日時:
2009年3月19日(木) 13:00~17:10
発表者:
金子能宏氏(国立社会保障人口問題研究所)
松井彰彦氏(東京大学:VCASIフェロー) ※
両角良子氏(富山大学)
長江亮氏(早稲田大学高等研究所)
関口洋平氏(東京大学 大学院)
コーディネーター:
川越敏司氏(公立はこだて未来大学:VCASIフェロー)
概要:
障害者の基本的人権と自由を守り、これらによってもたらされる利益を完全かつ平等に享受できることを謳った「国連障害者権利条約」が国連総会で採択されたのが2006年12月13日。わが国は2007年9月28日に調印し、現在はその批准に向けての働きかけが行われています。

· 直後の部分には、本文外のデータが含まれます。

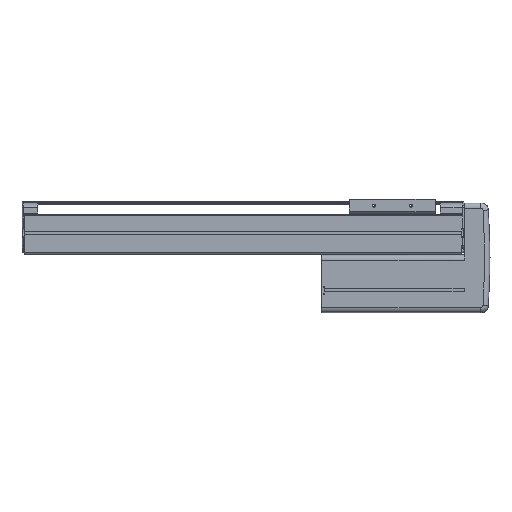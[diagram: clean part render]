
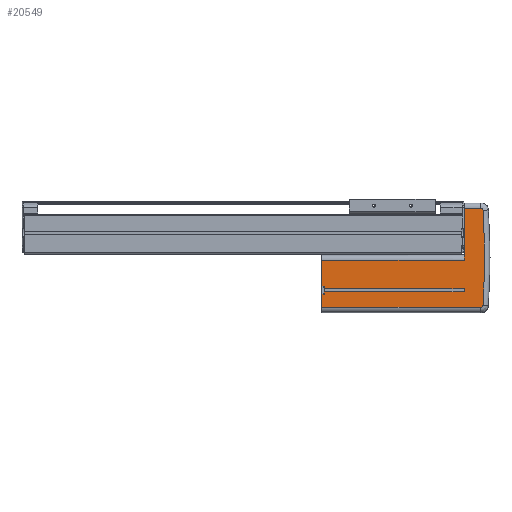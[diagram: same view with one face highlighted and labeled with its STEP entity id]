
A CAD part, top view. The second image highlights one B-rep face of the part: STEP entity #20549.
In plain terms, the highlighted planar face has unit normal (0, 0, 1).
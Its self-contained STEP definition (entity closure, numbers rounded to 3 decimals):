
#4139=DIRECTION('',(1.,0.,0.));
#4140=VECTOR('',#4139,22.587);
#4141=CARTESIAN_POINT('',(594.,-70.,33.));
#4142=LINE('',#4141,#4140);
#4151=DIRECTION('',(-1.,0.,0.));
#4152=VECTOR('',#4151,192.);
#4153=CARTESIAN_POINT('',(594.,-70.,33.));
#4154=LINE('',#4153,#4152);
#4155=DIRECTION('',(0.,-1.,0.));
#4156=VECTOR('',#4155,17.5);
#4157=CARTESIAN_POINT('',(402.,-52.5,33.));
#4158=LINE('',#4157,#4156);
#4159=DIRECTION('',(0.,-1.,0.));
#4160=VECTOR('',#4159,3.4);
#4161=CARTESIAN_POINT('',(405.,-49.1,33.));
#4162=LINE('',#4161,#4160);
#4163=DIRECTION('',(0.,1.,0.));
#4164=VECTOR('',#4163,4.2);
#4165=CARTESIAN_POINT('',(594.,-49.1,33.));
#4166=LINE('',#4165,#4164);
#4167=DIRECTION('',(0.,-1.,0.));
#4168=VECTOR('',#4167,3.4);
#4169=CARTESIAN_POINT('',(405.,-41.5,33.));
#4170=LINE('',#4169,#4168);
#4171=DIRECTION('',(0.,-1.,0.));
#4172=VECTOR('',#4171,35.5);
#4173=CARTESIAN_POINT('',(402.,-6.,33.));
#4174=LINE('',#4173,#4172);
#4175=DIRECTION('',(0.,1.,0.));
#4176=VECTOR('',#4175,70.);
#4177=CARTESIAN_POINT('',(594.,-6.,33.));
#4178=LINE('',#4177,#4176);
#4179=CARTESIAN_POINT('',(616.587,60.999,33.));
#4180=DIRECTION('',(0.,0.,-1.));
#4181=DIRECTION('',(0.,1.,0.));
#4182=AXIS2_PLACEMENT_3D('',#4179,#4180,#4181);
#4184=CARTESIAN_POINT('',(-371.,-3.,33.));
#4185=DIRECTION('',(0.,0.,-1.));
#4186=DIRECTION('',(0.998,0.065,0.));
#4187=AXIS2_PLACEMENT_3D('',#4184,#4185,#4186);
#4189=CARTESIAN_POINT('',(616.587,-66.999,33.));
#4190=DIRECTION('',(0.,0.,-1.));
#4191=DIRECTION('',(0.998,-0.065,0.));
#4192=AXIS2_PLACEMENT_3D('',#4189,#4190,#4191);
#4194=DIRECTION('',(-1.,0.,0.));
#4195=VECTOR('',#4194,3.);
#4196=CARTESIAN_POINT('',(405.,-52.5,33.));
#4197=LINE('',#4196,#4195);
#4226=DIRECTION('',(1.,0.,0.));
#4227=VECTOR('',#4226,3.);
#4228=CARTESIAN_POINT('',(402.,-41.5,33.));
#4229=LINE('',#4228,#4227);
#4234=DIRECTION('',(-1.,0.,0.));
#4235=VECTOR('',#4234,189.);
#4236=CARTESIAN_POINT('',(594.,-49.1,33.));
#4237=LINE('',#4236,#4235);
#4322=DIRECTION('',(1.,0.,0.));
#4323=VECTOR('',#4322,189.);
#4324=CARTESIAN_POINT('',(405.,-44.9,33.));
#4325=LINE('',#4324,#4323);
#4331=DIRECTION('',(-1.,0.,0.));
#4332=VECTOR('',#4331,192.);
#4333=CARTESIAN_POINT('',(594.,-6.,33.));
#4334=LINE('',#4333,#4332);
#9246=DIRECTION('',(-1.,0.,0.));
#9247=VECTOR('',#9246,22.587);
#9248=CARTESIAN_POINT('',(616.587,64.,33.));
#9249=LINE('',#9248,#9247);
#12208=CARTESIAN_POINT('',(402.,-6.,33.));
#12209=CARTESIAN_POINT('',(402.,-41.5,33.));
#12210=VERTEX_POINT('',#12208);
#12211=VERTEX_POINT('',#12209);
#12220=CARTESIAN_POINT('',(402.,-52.5,33.));
#12221=VERTEX_POINT('',#12220);
#12222=CARTESIAN_POINT('',(402.,-70.,33.));
#12223=VERTEX_POINT('',#12222);
#12449=CARTESIAN_POINT('',(594.,64.,33.));
#12451=VERTEX_POINT('',#12449);
#12464=CARTESIAN_POINT('',(616.587,-70.,
33.));
#12465=VERTEX_POINT('',#12464);
#12466=CARTESIAN_POINT('',(619.582,-67.194,
33.));
#12467=VERTEX_POINT('',#12466);
#12468=CARTESIAN_POINT('',(619.582,61.194,33.));
#12469=VERTEX_POINT('',#12468);
#12470=CARTESIAN_POINT('',(616.587,64.,33.));
#12471=VERTEX_POINT('',#12470);
#12694=CARTESIAN_POINT('',(405.,-44.9,33.));
#12696=VERTEX_POINT('',#12694);
#12707=CARTESIAN_POINT('',(405.,-49.1,33.));
#12708=VERTEX_POINT('',#12707);
#14925=CARTESIAN_POINT('',(405.,-52.5,33.));
#14927=VERTEX_POINT('',#14925);
#14935=CARTESIAN_POINT('',(405.,-41.5,33.));
#14936=VERTEX_POINT('',#14935);
#15103=CARTESIAN_POINT('',(594.,-6.,33.));
#15104=VERTEX_POINT('',#15103);
#15105=CARTESIAN_POINT('',(594.,-44.9,33.));
#15106=VERTEX_POINT('',#15105);
#15107=CARTESIAN_POINT('',(594.,-49.1,33.));
#15108=VERTEX_POINT('',#15107);
#15109=CARTESIAN_POINT('',(594.,-70.,33.));
#15110=VERTEX_POINT('',#15109);
#20518=CARTESIAN_POINT('',(499.5,-25.45,33.));
#20519=DIRECTION('',(0.,0.,1.));
#20520=DIRECTION('',(0.,1.,0.));
#20521=AXIS2_PLACEMENT_3D('',#20518,#20519,#20520);
#20522=PLANE('',#20521);
#20523=ORIENTED_EDGE('',*,*,#20509,.F.);
#20524=ORIENTED_EDGE('',*,*,#20507,.T.);
#20525=ORIENTED_EDGE('',*,*,#15668,.F.);
#20527=ORIENTED_EDGE('',*,*,#20526,.F.);
#20528=ORIENTED_EDGE('',*,*,#17091,.F.);
#20530=ORIENTED_EDGE('',*,*,#20529,.F.);
#20531=ORIENTED_EDGE('',*,*,#19546,.T.);
#20533=ORIENTED_EDGE('',*,*,#20532,.F.);
#20534=ORIENTED_EDGE('',*,*,#17075,.F.);
#20536=ORIENTED_EDGE('',*,*,#20535,.F.);
#20537=ORIENTED_EDGE('',*,*,#15656,.F.);
#20539=ORIENTED_EDGE('',*,*,#20538,.F.);
#20540=ORIENTED_EDGE('',*,*,#19522,.T.);
#20542=ORIENTED_EDGE('',*,*,#20541,.F.);
#20544=ORIENTED_EDGE('',*,*,#20543,.T.);
#20545=ORIENTED_EDGE('',*,*,#20469,.T.);
#20546=ORIENTED_EDGE('',*,*,#20496,.T.);
#20547=EDGE_LOOP('',(#20523,#20524,#20525,#20527,#20528,#20530,#20531,#20533,
#20534,#20536,#20537,#20539,#20540,#20542,#20544,#20545,#20546));
#20548=FACE_OUTER_BOUND('',#20547,.F.);
#20549=ADVANCED_FACE('',(#20548),#20522,.T.);
#4183=CIRCLE('',#4182,3.001);
#4188=CIRCLE('',#4187,992.66);
#4193=CIRCLE('',#4192,3.001);
#15656=EDGE_CURVE('',#12210,#12211,#4174,.T.);
#15668=EDGE_CURVE('',#12221,#12223,#4158,.T.);
#17075=EDGE_CURVE('',#14936,#12696,#4170,.T.);
#17091=EDGE_CURVE('',#12708,#14927,#4162,.T.);
#19522=EDGE_CURVE('',#15104,#12451,#4178,.T.);
#19546=EDGE_CURVE('',#15108,#15106,#4166,.T.);
#20469=EDGE_CURVE('',#12469,#12467,#4188,.T.);
#20496=EDGE_CURVE('',#12467,#12465,#4193,.T.);
#20507=EDGE_CURVE('',#15110,#12223,#4154,.T.);
#20509=EDGE_CURVE('',#15110,#12465,#4142,.T.);
#20526=EDGE_CURVE('',#14927,#12221,#4197,.T.);
#20529=EDGE_CURVE('',#15108,#12708,#4237,.T.);
#20532=EDGE_CURVE('',#12696,#15106,#4325,.T.);
#20535=EDGE_CURVE('',#12211,#14936,#4229,.T.);
#20538=EDGE_CURVE('',#15104,#12210,#4334,.T.);
#20541=EDGE_CURVE('',#12471,#12451,#9249,.T.);
#20543=EDGE_CURVE('',#12471,#12469,#4183,.T.);

他方、国内法の整備も急務となっており、その流れを受けて障害者法制・政策の転換が始まろうとしています。なぜなら障害者権利条約は、障害を医学的見地に立ってとらえることから、社会における問題としてとらえるという障害者観のパラダイム転換を反映した内容になっているからです。そして障害者問題の根源は社会制度の中にあるという考え方が広まるにつれ、社会科学的分析の必要性が高まっています。近時のゲーム理論や実験経済学、計量経済学の発展もまた、こうしたニーズに応えて分析を行う際のツールを提供しています。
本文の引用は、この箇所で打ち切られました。